▶ _EXERCISE DETAILS_
The records that follow are to be printed exactly, with no images.

▶ _MATERIAL FOR THIS EXERCISE_
★ ★ ★ ★ ★

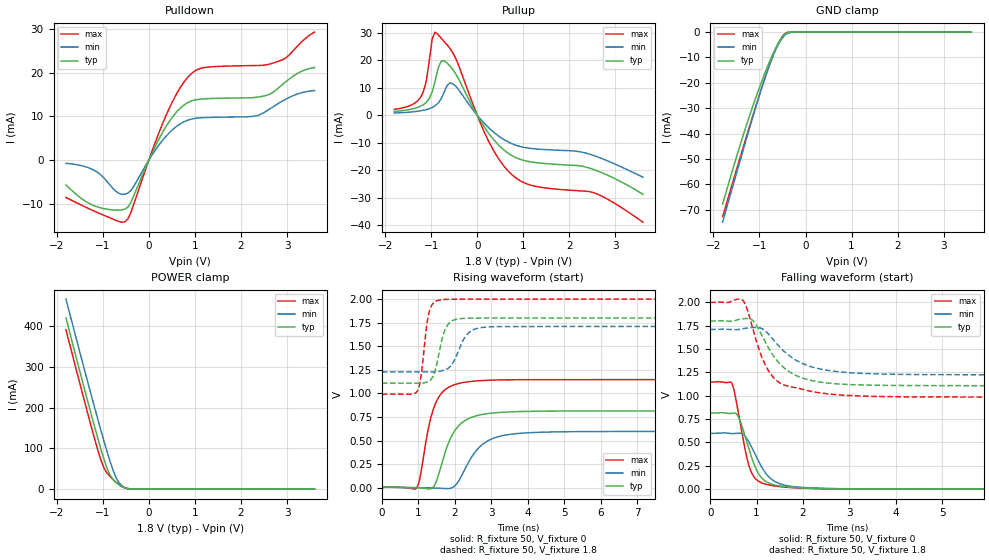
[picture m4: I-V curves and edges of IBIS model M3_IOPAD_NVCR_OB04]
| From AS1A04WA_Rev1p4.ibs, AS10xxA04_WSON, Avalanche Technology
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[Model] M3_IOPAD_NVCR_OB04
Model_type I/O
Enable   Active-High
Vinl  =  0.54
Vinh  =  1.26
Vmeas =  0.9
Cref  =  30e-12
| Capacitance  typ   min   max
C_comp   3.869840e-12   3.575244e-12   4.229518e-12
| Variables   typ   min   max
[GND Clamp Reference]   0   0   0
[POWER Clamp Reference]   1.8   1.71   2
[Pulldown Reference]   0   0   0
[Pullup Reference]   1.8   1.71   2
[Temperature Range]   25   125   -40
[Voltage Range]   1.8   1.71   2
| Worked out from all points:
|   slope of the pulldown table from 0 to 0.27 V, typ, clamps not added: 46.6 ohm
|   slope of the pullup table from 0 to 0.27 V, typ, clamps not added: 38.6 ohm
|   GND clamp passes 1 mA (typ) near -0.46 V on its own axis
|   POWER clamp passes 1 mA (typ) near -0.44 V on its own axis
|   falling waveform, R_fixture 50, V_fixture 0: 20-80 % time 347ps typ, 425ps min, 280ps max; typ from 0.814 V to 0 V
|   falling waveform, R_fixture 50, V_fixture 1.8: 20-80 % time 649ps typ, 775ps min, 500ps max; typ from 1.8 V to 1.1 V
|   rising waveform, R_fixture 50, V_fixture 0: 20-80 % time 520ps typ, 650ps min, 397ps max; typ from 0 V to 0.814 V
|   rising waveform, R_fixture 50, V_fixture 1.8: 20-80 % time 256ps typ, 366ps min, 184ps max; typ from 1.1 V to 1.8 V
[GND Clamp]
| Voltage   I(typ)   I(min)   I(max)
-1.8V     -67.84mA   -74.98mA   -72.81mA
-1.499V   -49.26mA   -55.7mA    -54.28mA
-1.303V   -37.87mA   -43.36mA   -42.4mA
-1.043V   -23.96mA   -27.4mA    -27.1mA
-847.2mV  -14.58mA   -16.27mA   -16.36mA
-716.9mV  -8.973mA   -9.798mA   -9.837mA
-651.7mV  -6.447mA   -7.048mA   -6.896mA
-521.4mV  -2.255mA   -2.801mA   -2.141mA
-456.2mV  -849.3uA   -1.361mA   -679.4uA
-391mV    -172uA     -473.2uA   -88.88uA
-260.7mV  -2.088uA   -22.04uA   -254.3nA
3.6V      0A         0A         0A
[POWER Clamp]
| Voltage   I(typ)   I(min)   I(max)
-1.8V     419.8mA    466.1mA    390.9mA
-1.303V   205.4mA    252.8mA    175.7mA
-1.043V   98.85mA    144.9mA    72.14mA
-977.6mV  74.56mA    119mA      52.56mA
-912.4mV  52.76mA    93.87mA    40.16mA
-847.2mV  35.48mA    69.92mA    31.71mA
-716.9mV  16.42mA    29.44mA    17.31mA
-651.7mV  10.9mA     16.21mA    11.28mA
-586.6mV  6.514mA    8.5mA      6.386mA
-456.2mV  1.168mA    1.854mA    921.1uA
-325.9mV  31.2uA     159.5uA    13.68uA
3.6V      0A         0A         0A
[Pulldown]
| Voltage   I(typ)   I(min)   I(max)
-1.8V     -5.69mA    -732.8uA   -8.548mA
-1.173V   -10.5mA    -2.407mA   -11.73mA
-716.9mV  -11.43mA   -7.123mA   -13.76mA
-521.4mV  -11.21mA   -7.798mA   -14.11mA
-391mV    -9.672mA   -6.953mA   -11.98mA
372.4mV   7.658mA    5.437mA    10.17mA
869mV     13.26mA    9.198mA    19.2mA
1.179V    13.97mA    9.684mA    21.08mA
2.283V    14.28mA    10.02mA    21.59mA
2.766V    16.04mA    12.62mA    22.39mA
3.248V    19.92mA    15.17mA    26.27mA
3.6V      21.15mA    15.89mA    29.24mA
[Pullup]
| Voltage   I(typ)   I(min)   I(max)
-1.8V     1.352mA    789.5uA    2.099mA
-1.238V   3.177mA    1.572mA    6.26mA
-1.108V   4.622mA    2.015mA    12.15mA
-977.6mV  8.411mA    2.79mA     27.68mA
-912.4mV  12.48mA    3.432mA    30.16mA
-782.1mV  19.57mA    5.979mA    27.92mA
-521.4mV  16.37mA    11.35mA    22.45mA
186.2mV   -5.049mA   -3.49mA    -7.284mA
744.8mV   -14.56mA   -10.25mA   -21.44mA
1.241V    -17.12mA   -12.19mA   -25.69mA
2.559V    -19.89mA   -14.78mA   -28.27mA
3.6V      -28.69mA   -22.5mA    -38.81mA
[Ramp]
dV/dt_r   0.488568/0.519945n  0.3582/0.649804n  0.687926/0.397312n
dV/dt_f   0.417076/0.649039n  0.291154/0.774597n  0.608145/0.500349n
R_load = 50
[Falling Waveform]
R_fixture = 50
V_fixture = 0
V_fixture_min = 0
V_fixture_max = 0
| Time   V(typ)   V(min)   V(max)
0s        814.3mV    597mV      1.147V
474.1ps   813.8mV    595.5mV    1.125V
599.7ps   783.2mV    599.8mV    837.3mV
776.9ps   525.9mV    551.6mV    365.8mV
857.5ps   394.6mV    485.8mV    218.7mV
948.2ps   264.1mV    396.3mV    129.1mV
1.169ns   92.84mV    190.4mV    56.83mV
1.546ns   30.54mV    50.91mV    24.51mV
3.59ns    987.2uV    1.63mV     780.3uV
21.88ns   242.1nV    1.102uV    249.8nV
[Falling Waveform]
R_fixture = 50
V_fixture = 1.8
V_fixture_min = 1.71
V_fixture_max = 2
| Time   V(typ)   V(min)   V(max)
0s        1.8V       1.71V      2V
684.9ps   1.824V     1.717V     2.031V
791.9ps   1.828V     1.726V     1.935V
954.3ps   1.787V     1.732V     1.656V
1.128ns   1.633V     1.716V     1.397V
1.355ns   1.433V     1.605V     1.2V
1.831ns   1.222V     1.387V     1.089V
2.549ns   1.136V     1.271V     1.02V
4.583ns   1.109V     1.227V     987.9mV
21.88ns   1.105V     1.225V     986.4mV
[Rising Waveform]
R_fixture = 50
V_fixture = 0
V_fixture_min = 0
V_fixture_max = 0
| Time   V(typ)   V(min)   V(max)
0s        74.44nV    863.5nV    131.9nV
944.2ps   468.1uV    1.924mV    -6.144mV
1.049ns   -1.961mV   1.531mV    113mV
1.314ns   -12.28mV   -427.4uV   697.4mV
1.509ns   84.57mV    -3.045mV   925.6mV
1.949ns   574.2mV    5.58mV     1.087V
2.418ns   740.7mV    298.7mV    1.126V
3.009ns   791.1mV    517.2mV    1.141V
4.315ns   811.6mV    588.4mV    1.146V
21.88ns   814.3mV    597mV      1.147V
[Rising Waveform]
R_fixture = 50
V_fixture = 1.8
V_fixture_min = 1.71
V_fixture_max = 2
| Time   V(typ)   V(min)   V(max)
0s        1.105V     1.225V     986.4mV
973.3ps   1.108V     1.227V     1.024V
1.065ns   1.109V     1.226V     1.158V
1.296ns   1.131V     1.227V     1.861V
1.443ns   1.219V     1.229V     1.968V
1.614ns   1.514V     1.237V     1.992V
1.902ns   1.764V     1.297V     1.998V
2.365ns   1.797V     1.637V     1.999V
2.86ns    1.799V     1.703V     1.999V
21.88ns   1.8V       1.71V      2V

★ ★ ★ ★ ★

▶ _RESULT OF THIS TASK_
[picture m4: I-V curves and edges of IBIS model M3_IOPAD_NVCR_OB04]
| From AS1A04WA_Rev1p4.ibs, AS10xxA04_WSON, Avalanche Technology
[Model] M3_IOPAD_NVCR_OB04
Model_type I/O
Enable   Active-High
Vinl  =  0.54
Vinh  =  1.26
Vmeas =  0.9
Cref  =  30e-12
| Capacitance  typ   min   max
C_comp   3.869840e-12   3.575244e-12   4.229518e-12
| Variables   typ   min   max
[GND Clamp Reference]   0   0   0
[POWER Clamp Reference]   1.8   1.71   2
[Pulldown Reference]   0   0   0
[Pullup Reference]   1.8   1.71   2
[Temperature Range]   25   125   -40
[Voltage Range]   1.8   1.71   2
| Worked out from all points:
|   slope of the pulldown table from 0 to 0.27 V, typ, clamps not added: 46.6 ohm
|   slope of the pullup table from 0 to 0.27 V, typ, clamps not added: 38.6 ohm
|   GND clamp passes 1 mA (typ) near -0.46 V on its own axis
|   POWER clamp passes 1 mA (typ) near -0.44 V on its own axis
|   falling waveform, R_fixture 50, V_fixture 0: 20-80 % time 347ps typ, 425ps min, 280ps max; typ from 0.814 V to 0 V
|   falling waveform, R_fixture 50, V_fixture 1.8: 20-80 % time 649ps typ, 775ps min, 500ps max; typ from 1.8 V to 1.1 V
|   rising waveform, R_fixture 50, V_fixture 0: 20-80 % time 520ps typ, 650ps min, 397ps max; typ from 0 V to 0.814 V
|   rising waveform, R_fixture 50, V_fixture 1.8: 20-80 % time 256ps typ, 366ps min, 184ps max; typ from 1.1 V to 1.8 V
[GND Clamp]
| Voltage   I(typ)   I(min)   I(max)
-1.8V     -67.84mA   -74.98mA   -72.81mA
-1.499V   -49.26mA   -55.7mA    -54.28mA
-1.303V   -37.87mA   -43.36mA   -42.4mA
-1.043V   -23.96mA   -27.4mA    -27.1mA
-847.2mV  -14.58mA   -16.27mA   -16.36mA
-716.9mV  -8.973mA   -9.798mA   -9.837mA
-651.7mV  -6.447mA   -7.048mA   -6.896mA
-521.4mV  -2.255mA   -2.801mA   -2.141mA
-456.2mV  -849.3uA   -1.361mA   -679.4uA
-391mV    -172uA     -473.2uA   -88.88uA
-260.7mV  -2.088uA   -22.04uA   -254.3nA
3.6V      0A         0A         0A
[POWER Clamp]
| Voltage   I(typ)   I(min)   I(max)
-1.8V     419.8mA    466.1mA    390.9mA
-1.303V   205.4mA    252.8mA    175.7mA
-1.043V   98.85mA    144.9mA    72.14mA
-977.6mV  74.56mA    119mA      52.56mA
-912.4mV  52.76mA    93.87mA    40.16mA
-847.2mV  35.48mA    69.92mA    31.71mA
-716.9mV  16.42mA    29.44mA    17.31mA
-651.7mV  10.9mA     16.21mA    11.28mA
-586.6mV  6.514mA    8.5mA      6.386mA
-456.2mV  1.168mA    1.854mA    921.1uA
-325.9mV  31.2uA     159.5uA    13.68uA
3.6V      0A         0A         0A
[Pulldown]
| Voltage   I(typ)   I(min)   I(max)
-1.8V     -5.69mA    -732.8uA   -8.548mA
-1.173V   -10.5mA    -2.407mA   -11.73mA
-716.9mV  -11.43mA   -7.123mA   -13.76mA
-521.4mV  -11.21mA   -7.798mA   -14.11mA
-391mV    -9.672mA   -6.953mA   -11.98mA
372.4mV   7.658mA    5.437mA    10.17mA
869mV     13.26mA    9.198mA    19.2mA
1.179V    13.97mA    9.684mA    21.08mA
2.283V    14.28mA    10.02mA    21.59mA
2.766V    16.04mA    12.62mA    22.39mA
3.248V    19.92mA    15.17mA    26.27mA
3.6V      21.15mA    15.89mA    29.24mA
[Pullup]
| Voltage   I(typ)   I(min)   I(max)
-1.8V     1.352mA    789.5uA    2.099mA
-1.238V   3.177mA    1.572mA    6.26mA
-1.108V   4.622mA    2.015mA    12.15mA
-977.6mV  8.411mA    2.79mA     27.68mA
-912.4mV  12.48mA    3.432mA    30.16mA
-782.1mV  19.57mA    5.979mA    27.92mA
-521.4mV  16.37mA    11.35mA    22.45mA
186.2mV   -5.049mA   -3.49mA    -7.284mA
744.8mV   -14.56mA   -10.25mA   -21.44mA
1.241V    -17.12mA   -12.19mA   -25.69mA
2.559V    -19.89mA   -14.78mA   -28.27mA
3.6V      -28.69mA   -22.5mA    -38.81mA
[Ramp]
dV/dt_r   0.488568/0.519945n  0.3582/0.649804n  0.687926/0.397312n
dV/dt_f   0.417076/0.649039n  0.291154/0.774597n  0.608145/0.500349n
R_load = 50
[Falling Waveform]
R_fixture = 50
V_fixture = 0
V_fixture_min = 0
V_fixture_max = 0
| Time   V(typ)   V(min)   V(max)
0s        814.3mV    597mV      1.147V
474.1ps   813.8mV    595.5mV    1.125V
599.7ps   783.2mV    599.8mV    837.3mV
776.9ps   525.9mV    551.6mV    365.8mV
857.5ps   394.6mV    485.8mV    218.7mV
948.2ps   264.1mV    396.3mV    129.1mV
1.169ns   92.84mV    190.4mV    56.83mV
1.546ns   30.54mV    50.91mV    24.51mV
3.59ns    987.2uV    1.63mV     780.3uV
21.88ns   242.1nV    1.102uV    249.8nV
[Falling Waveform]
R_fixture = 50
V_fixture = 1.8
V_fixture_min = 1.71
V_fixture_max = 2
| Time   V(typ)   V(min)   V(max)
0s        1.8V       1.71V      2V
684.9ps   1.824V     1.717V     2.031V
791.9ps   1.828V     1.726V     1.935V
954.3ps   1.787V     1.732V     1.656V
1.128ns   1.633V     1.716V     1.397V
1.355ns   1.433V     1.605V     1.2V
1.831ns   1.222V     1.387V     1.089V
2.549ns   1.136V     1.271V     1.02V
4.583ns   1.109V     1.227V     987.9mV
21.88ns   1.105V     1.225V     986.4mV
[Rising Waveform]
R_fixture = 50
V_fixture = 0
V_fixture_min = 0
V_fixture_max = 0
| Time   V(typ)   V(min)   V(max)
0s        74.44nV    863.5nV    131.9nV
944.2ps   468.1uV    1.924mV    -6.144mV
1.049ns   -1.961mV   1.531mV    113mV
1.314ns   -12.28mV   -427.4uV   697.4mV
1.509ns   84.57mV    -3.045mV   925.6mV
1.949ns   574.2mV    5.58mV     1.087V
2.418ns   740.7mV    298.7mV    1.126V
3.009ns   791.1mV    517.2mV    1.141V
4.315ns   811.6mV    588.4mV    1.146V
21.88ns   814.3mV    597mV      1.147V
[Rising Waveform]
R_fixture = 50
V_fixture = 1.8
V_fixture_min = 1.71
V_fixture_max = 2
| Time   V(typ)   V(min)   V(max)
0s        1.105V     1.225V     986.4mV
973.3ps   1.108V     1.227V     1.024V
1.065ns   1.109V     1.226V     1.158V
1.296ns   1.131V     1.227V     1.861V
1.443ns   1.219V     1.229V     1.968V
1.614ns   1.514V     1.237V     1.992V
1.902ns   1.764V     1.297V     1.998V
2.365ns   1.797V     1.637V     1.999V
2.86ns    1.799V     1.703V     1.999V
21.88ns   1.8V       1.71V      2V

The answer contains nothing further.